Avec leur long cou, leur corps bombé et leur longue queue, il fallait être aveugle pour ne pas remarquer un sauropode. Ce sont les plus grandes créatures qui aient jamais marché sur la terre ferme, certaines atteignant une hauteur de 12 mètres, mais la façon dont elles ont réussi à atteindre cette taille incroyable, surpassant tous les autres herbivores, a toujours fait l’objet d’un grand débat parmi les paléontologues. Une nouvelle étude suggère que la période d’expansion de l’aire de répartition et de croissance des sauropodes correspond à une extinction majeure déclenchée par les éruptions volcaniques du Jurassique inférieur.

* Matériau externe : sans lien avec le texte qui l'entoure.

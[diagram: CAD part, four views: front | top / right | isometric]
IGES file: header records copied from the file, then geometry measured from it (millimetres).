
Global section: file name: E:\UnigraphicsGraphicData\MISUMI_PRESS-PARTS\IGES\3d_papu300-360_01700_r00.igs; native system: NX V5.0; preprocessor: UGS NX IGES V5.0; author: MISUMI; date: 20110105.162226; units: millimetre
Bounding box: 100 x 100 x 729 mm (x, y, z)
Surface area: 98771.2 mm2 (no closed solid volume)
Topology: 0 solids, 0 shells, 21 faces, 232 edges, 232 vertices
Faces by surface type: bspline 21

Image d’entête : parade de Brachiosaure (famille des sauropodes), du Volkheimeria au Breviparopus, avec un Tyrannasorus rex adulte (en haut, à gauche) et un humain pour la comparaison. (Nima Sassani)
La Terre n’est pas étrangère aux cataclysmes planétaires qui anéantissent d’innombrables espèces. Au cours des derniers demi-milliards d’années, il y a eu 5 extinctions majeures, connues sous le nom d’extinctions massives, au cours desquelles bien plus de la moitié des créatures vivantes ont disparu en un clin d’œil géologique. Entre ces extinctions majeures, il y a eu des épisodes d’extinction mineurs, tels que l’événement anoxique océanique du Toarcien, au cours duquel une série d’éruptions volcaniques riches en dioxyde de carbone a plongé le monde dans un réchauffement climatique il y a environ 182 millions d’années.
Illustration représentant le Mnyamawamtuka dans son environnement, un sauropode découvert en 2019. (Mark Witton)
Tout comme l’activité humaine aujourd’hui, les éruptions du Jurassique inférieur ont introduit un excès de dioxyde de carbone dans l’atmosphère, ce qui a rendu les océans plus acides, provoquant ainsi une extinction massive de la vie marine. Bien que les plantes aient la réputation d’être un puits de carbone, à cette époque, les écosystèmes terrestres étaient dominés par les fougères, les Cycadales et les ginkgos, qui ne se portaient pas très bien dans le climat désormais aride et plus chaud. Au lieu de cela, le changement de climat s’est avéré idéal pour les conifères, qui ont prospéré.
Cependant, seuls les animaux assez grands pour atteindre les conifères et dont l’estomac étaient assez solide pour digérer les feuilles épineuses pouvaient accéder à cette source d’alimentation. L’une de ces créatures devait être le Bagualia alba, un gros herbivore de 5 tonnes et le premier eusauropode, ou « vrai sauropode », découvert à ce jour.
Reconstruction du sauropode Bagualia alba. (Jorge Gonzales)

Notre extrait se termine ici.